Dimensions
180 x 260 x 20mm
Stockport came into existence in the Saxon period, when a market seems to have been established at the site of the ford where the Roman road south-east of Manchester crossed the river Tame, which later became the Mersey. The small town became a borough in 1260 and was also granted a Market Charter. It prospered as trades and manufactures developed, and by 1610 'Stoppart cloth' was being sold in London. The development of the Stockport region was greatly helped by improvements in transport. The road from Manchester to Buxton through Stockport was turnpiked in 1724, and by the opening decade of the 19th century Stockport was the hub of a number of turnpikes linking the expanding textile towns of north-east Cheshire.

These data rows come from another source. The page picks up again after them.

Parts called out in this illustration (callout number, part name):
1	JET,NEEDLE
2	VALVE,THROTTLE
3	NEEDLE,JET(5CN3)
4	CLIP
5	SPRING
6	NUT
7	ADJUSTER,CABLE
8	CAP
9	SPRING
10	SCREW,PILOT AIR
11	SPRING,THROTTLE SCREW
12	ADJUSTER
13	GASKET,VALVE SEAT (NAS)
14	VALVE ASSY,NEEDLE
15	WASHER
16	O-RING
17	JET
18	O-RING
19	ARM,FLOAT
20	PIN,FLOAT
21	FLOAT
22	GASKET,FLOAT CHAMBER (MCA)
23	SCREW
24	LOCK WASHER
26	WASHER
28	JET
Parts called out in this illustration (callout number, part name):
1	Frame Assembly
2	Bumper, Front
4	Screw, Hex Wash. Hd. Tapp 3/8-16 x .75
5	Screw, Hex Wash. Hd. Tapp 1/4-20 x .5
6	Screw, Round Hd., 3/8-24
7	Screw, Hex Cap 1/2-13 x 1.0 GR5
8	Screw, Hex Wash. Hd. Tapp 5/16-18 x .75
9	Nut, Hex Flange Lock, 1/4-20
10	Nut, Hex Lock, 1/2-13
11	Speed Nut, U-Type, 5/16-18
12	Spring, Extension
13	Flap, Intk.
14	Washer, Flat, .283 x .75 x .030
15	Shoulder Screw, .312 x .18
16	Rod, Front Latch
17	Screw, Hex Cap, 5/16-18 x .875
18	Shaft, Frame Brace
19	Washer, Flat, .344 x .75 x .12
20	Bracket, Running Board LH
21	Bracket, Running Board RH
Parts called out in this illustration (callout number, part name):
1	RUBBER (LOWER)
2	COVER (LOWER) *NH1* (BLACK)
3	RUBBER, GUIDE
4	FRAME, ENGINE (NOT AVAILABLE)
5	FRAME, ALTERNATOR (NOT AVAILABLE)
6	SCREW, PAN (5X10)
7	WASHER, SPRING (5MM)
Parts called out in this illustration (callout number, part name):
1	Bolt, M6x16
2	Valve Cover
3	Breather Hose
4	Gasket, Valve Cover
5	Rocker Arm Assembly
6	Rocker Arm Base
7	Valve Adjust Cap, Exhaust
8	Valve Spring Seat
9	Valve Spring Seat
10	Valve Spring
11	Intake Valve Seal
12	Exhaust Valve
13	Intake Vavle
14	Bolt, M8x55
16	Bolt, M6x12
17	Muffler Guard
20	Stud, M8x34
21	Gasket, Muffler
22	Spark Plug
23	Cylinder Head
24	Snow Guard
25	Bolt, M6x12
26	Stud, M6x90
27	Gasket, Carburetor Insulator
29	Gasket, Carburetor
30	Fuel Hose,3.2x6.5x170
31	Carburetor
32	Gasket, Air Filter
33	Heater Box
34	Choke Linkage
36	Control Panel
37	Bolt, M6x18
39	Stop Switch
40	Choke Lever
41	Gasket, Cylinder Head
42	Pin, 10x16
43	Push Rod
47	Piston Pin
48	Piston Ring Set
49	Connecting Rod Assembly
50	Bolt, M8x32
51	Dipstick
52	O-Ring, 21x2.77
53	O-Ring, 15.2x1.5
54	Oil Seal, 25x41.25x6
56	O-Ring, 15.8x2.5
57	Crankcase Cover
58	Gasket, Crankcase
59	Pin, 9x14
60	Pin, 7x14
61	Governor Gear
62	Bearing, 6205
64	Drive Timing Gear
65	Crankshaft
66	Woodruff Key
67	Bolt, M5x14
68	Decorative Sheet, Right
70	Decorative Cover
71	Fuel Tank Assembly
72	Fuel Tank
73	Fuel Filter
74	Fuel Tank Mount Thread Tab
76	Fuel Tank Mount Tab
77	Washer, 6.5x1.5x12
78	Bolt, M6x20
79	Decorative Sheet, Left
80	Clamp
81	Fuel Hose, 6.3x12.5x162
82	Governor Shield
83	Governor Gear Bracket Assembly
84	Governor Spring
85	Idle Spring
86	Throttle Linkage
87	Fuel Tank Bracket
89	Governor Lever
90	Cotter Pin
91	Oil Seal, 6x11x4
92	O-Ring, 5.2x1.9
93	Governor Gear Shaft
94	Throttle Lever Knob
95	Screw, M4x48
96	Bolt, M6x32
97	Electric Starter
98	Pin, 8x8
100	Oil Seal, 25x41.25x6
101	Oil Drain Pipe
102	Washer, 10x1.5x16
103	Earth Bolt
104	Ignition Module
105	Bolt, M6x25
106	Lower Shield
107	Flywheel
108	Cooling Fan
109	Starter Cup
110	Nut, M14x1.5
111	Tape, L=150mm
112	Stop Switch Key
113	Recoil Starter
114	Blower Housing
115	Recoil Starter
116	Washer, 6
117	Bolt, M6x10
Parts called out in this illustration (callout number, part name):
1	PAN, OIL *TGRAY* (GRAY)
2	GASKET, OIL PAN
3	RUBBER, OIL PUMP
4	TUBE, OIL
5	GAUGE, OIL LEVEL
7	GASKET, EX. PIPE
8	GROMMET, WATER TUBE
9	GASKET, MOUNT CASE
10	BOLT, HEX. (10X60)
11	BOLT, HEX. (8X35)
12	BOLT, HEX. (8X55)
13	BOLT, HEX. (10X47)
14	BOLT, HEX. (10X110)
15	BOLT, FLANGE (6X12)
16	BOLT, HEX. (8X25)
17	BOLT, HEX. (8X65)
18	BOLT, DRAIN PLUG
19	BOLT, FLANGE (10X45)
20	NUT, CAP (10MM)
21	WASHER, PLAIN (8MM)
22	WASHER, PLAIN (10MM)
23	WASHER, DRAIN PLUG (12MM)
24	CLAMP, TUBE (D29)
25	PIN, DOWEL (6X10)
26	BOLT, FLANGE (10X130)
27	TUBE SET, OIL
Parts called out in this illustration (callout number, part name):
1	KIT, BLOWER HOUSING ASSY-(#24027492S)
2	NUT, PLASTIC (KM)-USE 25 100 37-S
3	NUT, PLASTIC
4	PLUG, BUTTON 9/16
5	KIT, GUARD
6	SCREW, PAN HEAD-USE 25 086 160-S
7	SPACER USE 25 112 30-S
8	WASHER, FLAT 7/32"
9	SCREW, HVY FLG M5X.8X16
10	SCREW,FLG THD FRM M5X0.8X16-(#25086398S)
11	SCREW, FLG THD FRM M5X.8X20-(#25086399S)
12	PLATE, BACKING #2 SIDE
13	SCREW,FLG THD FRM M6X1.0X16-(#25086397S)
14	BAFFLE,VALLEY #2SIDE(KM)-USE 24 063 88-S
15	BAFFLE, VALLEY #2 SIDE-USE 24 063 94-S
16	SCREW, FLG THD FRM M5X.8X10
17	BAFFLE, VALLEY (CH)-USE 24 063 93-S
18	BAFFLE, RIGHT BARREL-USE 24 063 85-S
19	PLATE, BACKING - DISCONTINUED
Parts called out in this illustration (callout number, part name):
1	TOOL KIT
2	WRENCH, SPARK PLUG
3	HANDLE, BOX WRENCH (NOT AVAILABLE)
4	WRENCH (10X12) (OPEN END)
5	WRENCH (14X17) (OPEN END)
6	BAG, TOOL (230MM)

The coming of the railway created a line from Manchester to Stockport in 1840, crossing the Mersey valley on a suberb viaduct which was a triumph of Victorian railway engineering and one of the wonders of the railway age. Under the 1832 Reform Act Stockport became a parliamentary borough with two Members of Parliament, and the 1835 Municipal Corporations Act gave the town its first democratically elected Council. When County Councils were established in 1888, Stockport achieved county borough status. Both local and national politics have left their mark on the community. The Civil Wars of the 1640s and 1650s, the Jacobites in 1745, Peterloo and Constable Birch, the Cotton Famine of 1861-5, as well as other incidents of civil unrest, and religious and population change, are just some of the events described in this well-researched book, fully illustrated throughout.